Rabu, 30 April 2008

The Spirit Of Java


Solo, merupakan sebuah kota yang terkenal di seantero Indonesia karena perannya dalam melahirkan seniman-seniman kondang, serta kota yang kesohor akan wisata kulinernya. Pertama kali saya menapakkan kaki di kota Solo, saya cukup heran dengan tampilnya sebuah kota yang menurut saya cukup sederhana. Berbeda dengan apa yang ada dalam benak saya, jauh dari Jogja yang hingar bingar dunia kotanya sudah sangat terasa, kota Solo lebih terasa tenang dan terkesan masih ”ndesani”. Dengan center point di jalan Slamet Riyadi, kota Solo hanya terlihat _istilah Jawanya ”sakklebatan”_, apalagi bagi orang yang hanya numpang lewat untuk pergi ke Surabaya.

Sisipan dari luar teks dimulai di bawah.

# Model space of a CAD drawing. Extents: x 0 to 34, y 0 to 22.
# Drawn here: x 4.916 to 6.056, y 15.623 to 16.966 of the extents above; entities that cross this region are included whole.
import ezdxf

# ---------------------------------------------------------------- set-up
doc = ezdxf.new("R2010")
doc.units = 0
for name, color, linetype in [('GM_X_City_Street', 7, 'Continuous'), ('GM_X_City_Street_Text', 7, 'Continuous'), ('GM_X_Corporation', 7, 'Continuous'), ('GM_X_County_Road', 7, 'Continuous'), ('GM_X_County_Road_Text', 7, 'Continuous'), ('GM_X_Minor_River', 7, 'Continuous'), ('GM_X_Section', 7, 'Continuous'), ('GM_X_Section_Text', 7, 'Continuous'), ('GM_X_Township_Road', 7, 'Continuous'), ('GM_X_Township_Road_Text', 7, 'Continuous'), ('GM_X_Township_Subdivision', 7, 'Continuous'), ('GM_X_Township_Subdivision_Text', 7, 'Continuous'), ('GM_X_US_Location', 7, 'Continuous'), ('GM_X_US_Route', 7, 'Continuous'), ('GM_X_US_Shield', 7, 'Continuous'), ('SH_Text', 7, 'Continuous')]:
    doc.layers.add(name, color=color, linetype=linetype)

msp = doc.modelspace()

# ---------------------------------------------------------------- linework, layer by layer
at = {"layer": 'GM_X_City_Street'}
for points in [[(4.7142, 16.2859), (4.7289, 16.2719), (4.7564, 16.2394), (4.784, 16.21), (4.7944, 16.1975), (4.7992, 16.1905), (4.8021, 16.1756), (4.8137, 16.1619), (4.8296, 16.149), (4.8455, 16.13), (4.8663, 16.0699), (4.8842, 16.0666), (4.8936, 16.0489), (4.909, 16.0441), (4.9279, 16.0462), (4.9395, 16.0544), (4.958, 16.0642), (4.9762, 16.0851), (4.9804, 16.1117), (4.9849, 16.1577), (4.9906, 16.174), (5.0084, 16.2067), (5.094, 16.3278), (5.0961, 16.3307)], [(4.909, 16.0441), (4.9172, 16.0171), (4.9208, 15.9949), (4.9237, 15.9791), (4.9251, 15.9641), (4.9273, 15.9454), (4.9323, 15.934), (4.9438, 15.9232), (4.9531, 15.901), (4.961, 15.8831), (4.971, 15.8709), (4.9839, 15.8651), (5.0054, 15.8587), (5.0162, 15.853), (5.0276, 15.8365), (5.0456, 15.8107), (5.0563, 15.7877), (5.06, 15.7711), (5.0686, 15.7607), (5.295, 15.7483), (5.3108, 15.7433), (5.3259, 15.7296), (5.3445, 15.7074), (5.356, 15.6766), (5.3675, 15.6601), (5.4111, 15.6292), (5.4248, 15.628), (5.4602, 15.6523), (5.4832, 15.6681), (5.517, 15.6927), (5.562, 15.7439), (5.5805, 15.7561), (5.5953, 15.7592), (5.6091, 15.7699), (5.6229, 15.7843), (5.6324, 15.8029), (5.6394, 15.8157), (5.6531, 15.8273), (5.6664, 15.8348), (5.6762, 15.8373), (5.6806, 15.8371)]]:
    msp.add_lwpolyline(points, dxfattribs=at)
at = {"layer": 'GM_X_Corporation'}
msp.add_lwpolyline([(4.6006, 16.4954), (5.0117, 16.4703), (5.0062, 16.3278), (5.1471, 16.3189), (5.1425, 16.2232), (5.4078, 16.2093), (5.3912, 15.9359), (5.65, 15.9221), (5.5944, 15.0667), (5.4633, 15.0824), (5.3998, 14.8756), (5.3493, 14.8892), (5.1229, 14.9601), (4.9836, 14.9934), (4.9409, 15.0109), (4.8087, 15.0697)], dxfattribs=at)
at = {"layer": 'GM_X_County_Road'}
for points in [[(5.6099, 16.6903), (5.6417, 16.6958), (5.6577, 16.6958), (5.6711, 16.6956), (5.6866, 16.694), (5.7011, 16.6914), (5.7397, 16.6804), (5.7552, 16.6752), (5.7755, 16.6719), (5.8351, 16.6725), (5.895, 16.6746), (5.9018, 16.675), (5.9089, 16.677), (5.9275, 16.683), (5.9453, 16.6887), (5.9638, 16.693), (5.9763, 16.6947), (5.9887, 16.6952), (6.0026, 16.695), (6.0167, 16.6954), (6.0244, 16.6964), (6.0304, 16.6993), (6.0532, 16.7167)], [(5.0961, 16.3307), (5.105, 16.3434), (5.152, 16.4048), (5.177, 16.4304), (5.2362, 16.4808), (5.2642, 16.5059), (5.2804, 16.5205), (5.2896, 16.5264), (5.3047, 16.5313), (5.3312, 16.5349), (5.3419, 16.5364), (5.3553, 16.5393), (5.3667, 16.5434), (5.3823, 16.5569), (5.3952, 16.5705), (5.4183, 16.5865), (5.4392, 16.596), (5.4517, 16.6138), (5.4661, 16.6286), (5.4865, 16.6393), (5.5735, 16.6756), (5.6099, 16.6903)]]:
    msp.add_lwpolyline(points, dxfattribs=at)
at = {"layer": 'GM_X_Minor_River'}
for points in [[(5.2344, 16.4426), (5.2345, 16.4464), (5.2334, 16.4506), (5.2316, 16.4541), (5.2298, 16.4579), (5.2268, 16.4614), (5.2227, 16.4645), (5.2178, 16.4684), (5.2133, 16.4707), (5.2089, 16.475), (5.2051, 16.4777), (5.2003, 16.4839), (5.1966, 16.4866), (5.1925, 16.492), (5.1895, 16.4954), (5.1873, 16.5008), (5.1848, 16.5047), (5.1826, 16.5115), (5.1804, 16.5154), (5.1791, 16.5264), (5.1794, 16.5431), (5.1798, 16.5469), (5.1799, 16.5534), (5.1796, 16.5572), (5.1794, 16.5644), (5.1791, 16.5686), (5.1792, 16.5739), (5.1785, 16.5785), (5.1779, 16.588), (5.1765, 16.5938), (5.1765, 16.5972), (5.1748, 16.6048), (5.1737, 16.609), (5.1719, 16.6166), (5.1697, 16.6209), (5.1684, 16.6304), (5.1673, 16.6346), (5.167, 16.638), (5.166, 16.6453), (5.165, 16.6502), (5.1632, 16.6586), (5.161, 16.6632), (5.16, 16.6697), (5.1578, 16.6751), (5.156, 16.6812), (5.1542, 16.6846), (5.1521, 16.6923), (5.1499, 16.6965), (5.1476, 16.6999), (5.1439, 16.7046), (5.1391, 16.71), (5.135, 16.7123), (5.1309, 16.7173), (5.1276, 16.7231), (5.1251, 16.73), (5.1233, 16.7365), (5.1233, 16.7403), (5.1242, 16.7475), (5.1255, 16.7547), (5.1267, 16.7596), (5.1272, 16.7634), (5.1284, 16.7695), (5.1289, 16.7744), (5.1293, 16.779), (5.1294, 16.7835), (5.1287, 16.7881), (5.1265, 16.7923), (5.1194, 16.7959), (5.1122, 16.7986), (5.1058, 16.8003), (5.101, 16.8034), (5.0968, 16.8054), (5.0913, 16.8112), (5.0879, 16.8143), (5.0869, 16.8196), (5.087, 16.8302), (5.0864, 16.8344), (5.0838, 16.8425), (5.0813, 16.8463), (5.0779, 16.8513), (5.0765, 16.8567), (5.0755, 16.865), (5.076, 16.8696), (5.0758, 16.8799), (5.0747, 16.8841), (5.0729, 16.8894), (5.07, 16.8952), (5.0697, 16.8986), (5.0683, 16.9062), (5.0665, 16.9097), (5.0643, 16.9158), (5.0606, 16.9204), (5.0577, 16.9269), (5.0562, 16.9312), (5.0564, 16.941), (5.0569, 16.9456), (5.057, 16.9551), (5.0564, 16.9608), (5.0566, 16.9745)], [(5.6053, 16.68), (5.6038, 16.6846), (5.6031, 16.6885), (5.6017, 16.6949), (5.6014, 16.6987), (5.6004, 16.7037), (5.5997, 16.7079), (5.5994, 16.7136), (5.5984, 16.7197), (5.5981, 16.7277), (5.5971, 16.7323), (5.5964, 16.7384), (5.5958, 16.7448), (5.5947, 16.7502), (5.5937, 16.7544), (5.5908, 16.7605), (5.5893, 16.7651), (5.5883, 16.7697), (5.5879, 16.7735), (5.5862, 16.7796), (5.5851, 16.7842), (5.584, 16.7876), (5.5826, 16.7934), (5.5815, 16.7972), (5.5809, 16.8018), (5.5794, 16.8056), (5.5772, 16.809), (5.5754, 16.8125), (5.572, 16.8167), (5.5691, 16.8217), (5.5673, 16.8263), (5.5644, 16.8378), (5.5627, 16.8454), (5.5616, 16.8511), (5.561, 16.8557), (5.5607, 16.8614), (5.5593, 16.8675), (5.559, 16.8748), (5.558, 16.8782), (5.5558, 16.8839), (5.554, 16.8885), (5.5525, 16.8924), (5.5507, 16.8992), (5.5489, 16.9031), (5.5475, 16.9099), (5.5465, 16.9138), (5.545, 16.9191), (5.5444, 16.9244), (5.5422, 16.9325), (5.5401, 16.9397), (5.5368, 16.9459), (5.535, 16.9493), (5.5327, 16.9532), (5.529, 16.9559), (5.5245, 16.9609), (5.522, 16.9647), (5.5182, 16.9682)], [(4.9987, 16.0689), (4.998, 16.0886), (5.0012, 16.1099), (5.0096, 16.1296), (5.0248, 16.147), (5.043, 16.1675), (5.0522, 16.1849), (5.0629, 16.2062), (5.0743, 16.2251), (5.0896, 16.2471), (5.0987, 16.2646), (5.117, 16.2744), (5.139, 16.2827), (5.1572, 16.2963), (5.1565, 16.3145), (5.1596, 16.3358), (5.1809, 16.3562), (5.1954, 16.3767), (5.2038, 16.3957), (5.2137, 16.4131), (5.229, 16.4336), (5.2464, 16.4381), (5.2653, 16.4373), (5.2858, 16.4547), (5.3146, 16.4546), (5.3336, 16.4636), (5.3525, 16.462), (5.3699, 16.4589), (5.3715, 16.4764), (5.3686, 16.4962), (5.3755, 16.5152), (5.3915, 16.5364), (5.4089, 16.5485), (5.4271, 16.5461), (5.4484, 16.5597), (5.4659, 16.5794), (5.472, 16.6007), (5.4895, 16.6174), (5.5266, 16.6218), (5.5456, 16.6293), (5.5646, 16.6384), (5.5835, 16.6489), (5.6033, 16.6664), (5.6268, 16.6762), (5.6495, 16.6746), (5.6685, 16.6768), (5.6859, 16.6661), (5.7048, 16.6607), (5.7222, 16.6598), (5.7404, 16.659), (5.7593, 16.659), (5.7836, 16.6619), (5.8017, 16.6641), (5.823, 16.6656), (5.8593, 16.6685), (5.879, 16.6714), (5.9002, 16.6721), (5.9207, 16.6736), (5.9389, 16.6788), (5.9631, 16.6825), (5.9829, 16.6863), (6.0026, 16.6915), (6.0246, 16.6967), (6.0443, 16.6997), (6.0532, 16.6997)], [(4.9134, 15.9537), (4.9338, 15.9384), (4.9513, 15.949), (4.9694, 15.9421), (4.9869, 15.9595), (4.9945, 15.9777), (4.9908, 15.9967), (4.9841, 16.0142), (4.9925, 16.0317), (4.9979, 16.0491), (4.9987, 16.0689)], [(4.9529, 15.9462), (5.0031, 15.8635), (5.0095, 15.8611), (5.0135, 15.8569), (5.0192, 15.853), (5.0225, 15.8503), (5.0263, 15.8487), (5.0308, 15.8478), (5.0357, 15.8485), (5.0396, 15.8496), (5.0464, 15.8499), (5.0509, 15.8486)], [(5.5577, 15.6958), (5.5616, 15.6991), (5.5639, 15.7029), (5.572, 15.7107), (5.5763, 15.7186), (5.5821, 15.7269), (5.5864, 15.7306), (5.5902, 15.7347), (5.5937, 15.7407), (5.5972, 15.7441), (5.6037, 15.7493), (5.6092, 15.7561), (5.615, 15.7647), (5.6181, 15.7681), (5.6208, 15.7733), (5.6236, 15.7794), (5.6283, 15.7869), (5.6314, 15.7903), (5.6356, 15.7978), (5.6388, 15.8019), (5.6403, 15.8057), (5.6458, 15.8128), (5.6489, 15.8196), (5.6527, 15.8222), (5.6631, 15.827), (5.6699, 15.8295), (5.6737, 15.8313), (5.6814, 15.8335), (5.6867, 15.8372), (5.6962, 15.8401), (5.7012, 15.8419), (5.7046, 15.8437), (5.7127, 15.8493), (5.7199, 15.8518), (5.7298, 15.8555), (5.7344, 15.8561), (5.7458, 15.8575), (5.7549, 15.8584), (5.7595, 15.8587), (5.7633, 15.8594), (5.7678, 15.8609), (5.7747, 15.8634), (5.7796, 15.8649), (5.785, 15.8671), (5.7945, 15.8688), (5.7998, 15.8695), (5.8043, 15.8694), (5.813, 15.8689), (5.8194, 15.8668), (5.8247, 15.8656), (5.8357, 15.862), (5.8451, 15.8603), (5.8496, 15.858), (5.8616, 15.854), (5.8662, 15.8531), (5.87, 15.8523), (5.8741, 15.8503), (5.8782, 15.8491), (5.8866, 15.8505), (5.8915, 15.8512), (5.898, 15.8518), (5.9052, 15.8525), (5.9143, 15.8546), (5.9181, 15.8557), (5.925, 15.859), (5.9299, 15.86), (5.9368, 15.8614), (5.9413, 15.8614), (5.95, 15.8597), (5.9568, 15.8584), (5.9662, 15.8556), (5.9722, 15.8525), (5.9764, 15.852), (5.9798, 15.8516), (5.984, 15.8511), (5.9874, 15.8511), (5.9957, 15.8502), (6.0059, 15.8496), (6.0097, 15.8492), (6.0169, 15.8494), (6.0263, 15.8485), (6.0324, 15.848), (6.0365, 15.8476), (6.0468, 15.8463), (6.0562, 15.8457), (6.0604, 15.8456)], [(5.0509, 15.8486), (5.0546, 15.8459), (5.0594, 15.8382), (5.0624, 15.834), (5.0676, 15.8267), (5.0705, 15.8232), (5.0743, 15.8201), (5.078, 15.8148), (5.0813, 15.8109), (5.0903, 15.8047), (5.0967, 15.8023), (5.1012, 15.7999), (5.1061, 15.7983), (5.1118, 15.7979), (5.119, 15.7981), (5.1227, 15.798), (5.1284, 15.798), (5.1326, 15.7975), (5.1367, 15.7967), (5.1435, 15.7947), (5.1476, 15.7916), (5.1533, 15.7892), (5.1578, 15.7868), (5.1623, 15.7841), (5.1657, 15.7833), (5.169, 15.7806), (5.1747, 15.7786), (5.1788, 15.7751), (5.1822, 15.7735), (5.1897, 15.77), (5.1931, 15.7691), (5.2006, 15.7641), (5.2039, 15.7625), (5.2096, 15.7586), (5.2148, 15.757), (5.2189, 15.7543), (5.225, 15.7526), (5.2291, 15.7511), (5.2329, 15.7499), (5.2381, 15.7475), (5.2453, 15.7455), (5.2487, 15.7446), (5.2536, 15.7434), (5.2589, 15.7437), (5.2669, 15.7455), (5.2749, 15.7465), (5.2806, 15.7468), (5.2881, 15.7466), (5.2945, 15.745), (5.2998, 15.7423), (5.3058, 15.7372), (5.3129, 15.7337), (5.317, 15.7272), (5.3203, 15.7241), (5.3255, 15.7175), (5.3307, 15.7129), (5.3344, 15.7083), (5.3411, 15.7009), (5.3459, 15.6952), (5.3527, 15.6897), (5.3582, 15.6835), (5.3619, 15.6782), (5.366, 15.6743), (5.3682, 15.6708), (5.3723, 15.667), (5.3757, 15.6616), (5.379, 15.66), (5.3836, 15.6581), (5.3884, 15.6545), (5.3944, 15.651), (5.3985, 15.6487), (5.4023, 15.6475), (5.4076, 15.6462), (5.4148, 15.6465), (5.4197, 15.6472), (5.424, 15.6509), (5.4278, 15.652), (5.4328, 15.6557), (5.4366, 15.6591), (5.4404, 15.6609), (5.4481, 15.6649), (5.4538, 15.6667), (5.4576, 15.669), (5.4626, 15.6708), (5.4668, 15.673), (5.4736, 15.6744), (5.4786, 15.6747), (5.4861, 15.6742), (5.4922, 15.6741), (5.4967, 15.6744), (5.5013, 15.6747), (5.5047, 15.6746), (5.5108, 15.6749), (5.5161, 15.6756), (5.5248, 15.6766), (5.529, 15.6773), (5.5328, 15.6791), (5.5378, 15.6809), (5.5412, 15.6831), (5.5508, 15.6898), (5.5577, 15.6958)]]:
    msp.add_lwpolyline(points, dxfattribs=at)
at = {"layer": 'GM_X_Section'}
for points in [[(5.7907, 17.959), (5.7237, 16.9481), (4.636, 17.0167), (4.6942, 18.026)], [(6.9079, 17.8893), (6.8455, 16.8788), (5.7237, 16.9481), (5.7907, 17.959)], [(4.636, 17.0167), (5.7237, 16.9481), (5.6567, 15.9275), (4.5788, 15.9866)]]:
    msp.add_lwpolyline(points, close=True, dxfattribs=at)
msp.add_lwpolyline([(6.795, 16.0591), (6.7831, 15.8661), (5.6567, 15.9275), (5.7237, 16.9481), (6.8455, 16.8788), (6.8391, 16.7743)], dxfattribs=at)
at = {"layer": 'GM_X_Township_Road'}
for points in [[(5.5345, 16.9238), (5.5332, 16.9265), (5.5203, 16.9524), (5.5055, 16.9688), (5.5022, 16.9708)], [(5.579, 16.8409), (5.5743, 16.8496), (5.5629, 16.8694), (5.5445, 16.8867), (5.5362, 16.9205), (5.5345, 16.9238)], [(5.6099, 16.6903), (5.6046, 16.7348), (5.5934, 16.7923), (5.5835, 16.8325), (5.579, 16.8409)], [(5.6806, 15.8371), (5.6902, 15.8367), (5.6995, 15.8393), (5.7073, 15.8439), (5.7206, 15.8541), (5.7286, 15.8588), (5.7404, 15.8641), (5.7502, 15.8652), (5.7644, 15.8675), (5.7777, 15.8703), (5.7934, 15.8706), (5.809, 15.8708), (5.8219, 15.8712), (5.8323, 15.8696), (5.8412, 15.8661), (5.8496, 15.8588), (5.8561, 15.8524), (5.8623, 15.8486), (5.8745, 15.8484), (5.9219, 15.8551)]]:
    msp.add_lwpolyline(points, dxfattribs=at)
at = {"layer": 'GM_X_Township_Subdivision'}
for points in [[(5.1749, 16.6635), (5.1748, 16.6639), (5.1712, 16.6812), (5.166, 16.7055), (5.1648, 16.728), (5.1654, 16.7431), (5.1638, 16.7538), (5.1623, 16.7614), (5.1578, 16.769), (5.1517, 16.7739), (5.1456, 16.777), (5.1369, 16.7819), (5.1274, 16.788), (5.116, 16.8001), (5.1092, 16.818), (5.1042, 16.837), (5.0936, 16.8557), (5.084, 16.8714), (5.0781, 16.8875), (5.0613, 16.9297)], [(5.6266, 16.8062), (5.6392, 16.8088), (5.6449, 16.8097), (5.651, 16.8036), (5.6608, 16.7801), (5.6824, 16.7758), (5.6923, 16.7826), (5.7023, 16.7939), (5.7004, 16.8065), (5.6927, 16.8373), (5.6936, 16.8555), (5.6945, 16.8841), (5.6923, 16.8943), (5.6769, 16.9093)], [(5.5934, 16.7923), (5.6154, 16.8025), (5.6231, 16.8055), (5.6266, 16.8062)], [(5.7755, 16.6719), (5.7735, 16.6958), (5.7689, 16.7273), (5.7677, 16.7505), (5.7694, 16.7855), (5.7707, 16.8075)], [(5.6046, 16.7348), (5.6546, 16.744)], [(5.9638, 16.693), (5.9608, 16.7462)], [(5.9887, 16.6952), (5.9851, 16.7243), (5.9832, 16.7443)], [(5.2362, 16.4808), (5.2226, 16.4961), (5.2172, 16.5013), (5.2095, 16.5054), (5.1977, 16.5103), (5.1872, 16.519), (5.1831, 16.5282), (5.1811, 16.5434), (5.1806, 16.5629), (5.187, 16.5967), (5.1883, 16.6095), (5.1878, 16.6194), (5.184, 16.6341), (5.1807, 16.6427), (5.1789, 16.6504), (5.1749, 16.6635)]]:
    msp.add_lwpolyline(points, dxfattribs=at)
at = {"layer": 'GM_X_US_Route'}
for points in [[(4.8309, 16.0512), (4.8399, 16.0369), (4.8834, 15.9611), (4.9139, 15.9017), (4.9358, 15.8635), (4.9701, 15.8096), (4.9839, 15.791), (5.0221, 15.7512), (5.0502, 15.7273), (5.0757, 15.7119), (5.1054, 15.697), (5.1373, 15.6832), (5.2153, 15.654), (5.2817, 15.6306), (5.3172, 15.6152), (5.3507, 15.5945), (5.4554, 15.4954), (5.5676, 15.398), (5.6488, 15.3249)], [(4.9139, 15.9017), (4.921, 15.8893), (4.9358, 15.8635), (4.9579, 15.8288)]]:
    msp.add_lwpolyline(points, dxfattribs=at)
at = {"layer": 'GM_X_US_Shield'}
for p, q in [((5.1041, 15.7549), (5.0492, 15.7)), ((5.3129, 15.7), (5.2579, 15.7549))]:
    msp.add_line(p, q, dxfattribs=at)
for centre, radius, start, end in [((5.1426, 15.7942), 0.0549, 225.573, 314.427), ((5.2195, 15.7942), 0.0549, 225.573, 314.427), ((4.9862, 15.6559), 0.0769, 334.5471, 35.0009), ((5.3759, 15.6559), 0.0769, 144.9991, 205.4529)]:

Hal yang membuat kota ini unik, selain punya dua nama, yaitu Solo dan Surakarta, juga banyaknya icon, landmark, atau slogan yang disematkan pada kota ini, khususnya yang menunjukkan ke-Jawa-an-nya. Sebutlah; Solo Kota Budaya, Solo the Spirit of Java, Solo Kuthaku Jawa Budoyoku, Solo Future as Solo Past, serta sebutan-sebutan lain seperti Kota Kuliner, Kota Bengawan, dll.

Kejawennya kota Solo memang sangat terasa, apalagi didukung dengan adanya berbagai macam event seni budaya yang sering digelar, seperti event-event di Taman Budaya Surakarta, Joglo Sriwedari, serta di ISI Surakarta yang difasilitsi gedung pementasan memadai. Ada juga Solo Internasional Ethnic Music (SIEM) yang digelar tahun 2007 lalu dengan peserta para seniman dalam dan luar negeri. Event yang cukup sukses menyedot banyak penonton. Juga festival nasi liwet yang diadakan di sepanjang citywalk Kota Solo pada 8 Maret lalu yang memperoleh penghargaan dari MURI. Sedangkan yang baru digelar adalah Solo Batik Carnifal, yang juga bertempat di sepanjang jalan Slamet Riyadi. Selain event kebudayaan, bangunan – bangunan bersejarah dan penggunaan gedung yang bernuansa Jawa juga bertebaran mewarnai kota Solo.

Rasanya semua hal tersebut memang sudah pantas untuk mengukuhkan kota Solo sebagai kota Budaya, sebagai The Spirit of Java. Namun, yang harus diperhatikan adalah konsistensi kota Solo dalam menjaga slogan Solo Future as Solo Past yang sering digembar-gemborkan orang Solo. Sebagai kota berkembang, yang kebanyakan ditandai dengan banyaknya pembangunan fisik, pemkot Solo harus pandai-pandai dalam mengatur tata kotanya. Tanpa perencanaan yang matang, pembangunan yang membabi buta malahan bisa menghilangkan ciri khas kota Solo sebagai kota Budaya. Sebelum terlanjur, masih banyak kesempatan bagi Solo untuk mendesain sedemikian rupa bentuk kotanya, sehingga kelak mungkin bisa menjadi kota Jawa yang mendunia.

3 komentar:

Junjung Purba mengatakan...

selain budayanya, jangan lupa, sungai bengawan solo juga simbol kota ini lho...

findo_findo mengatakan...

iya 'Solo' emang mBUDAYAni banget... nalahan -disadari atau tidak- ada sedikit persaingan sama sodaranya 'Jogja'. pendapatku tok sih... faktanya nggak tau..

lepar dari itu--nggak tau kenapa,,dulu pas aku kecil, kalo lewat solo baru sama keliarka -mau pulang kampung-, Bapaku sering nyanyiin lagi 'BENTO', kenapa ya??apa ada hubungannya sama Pak Harto???

ichsandayat mengatakan...

mas Junjung bener tuh,,tapi sekarang sudah jadi simbol banjir.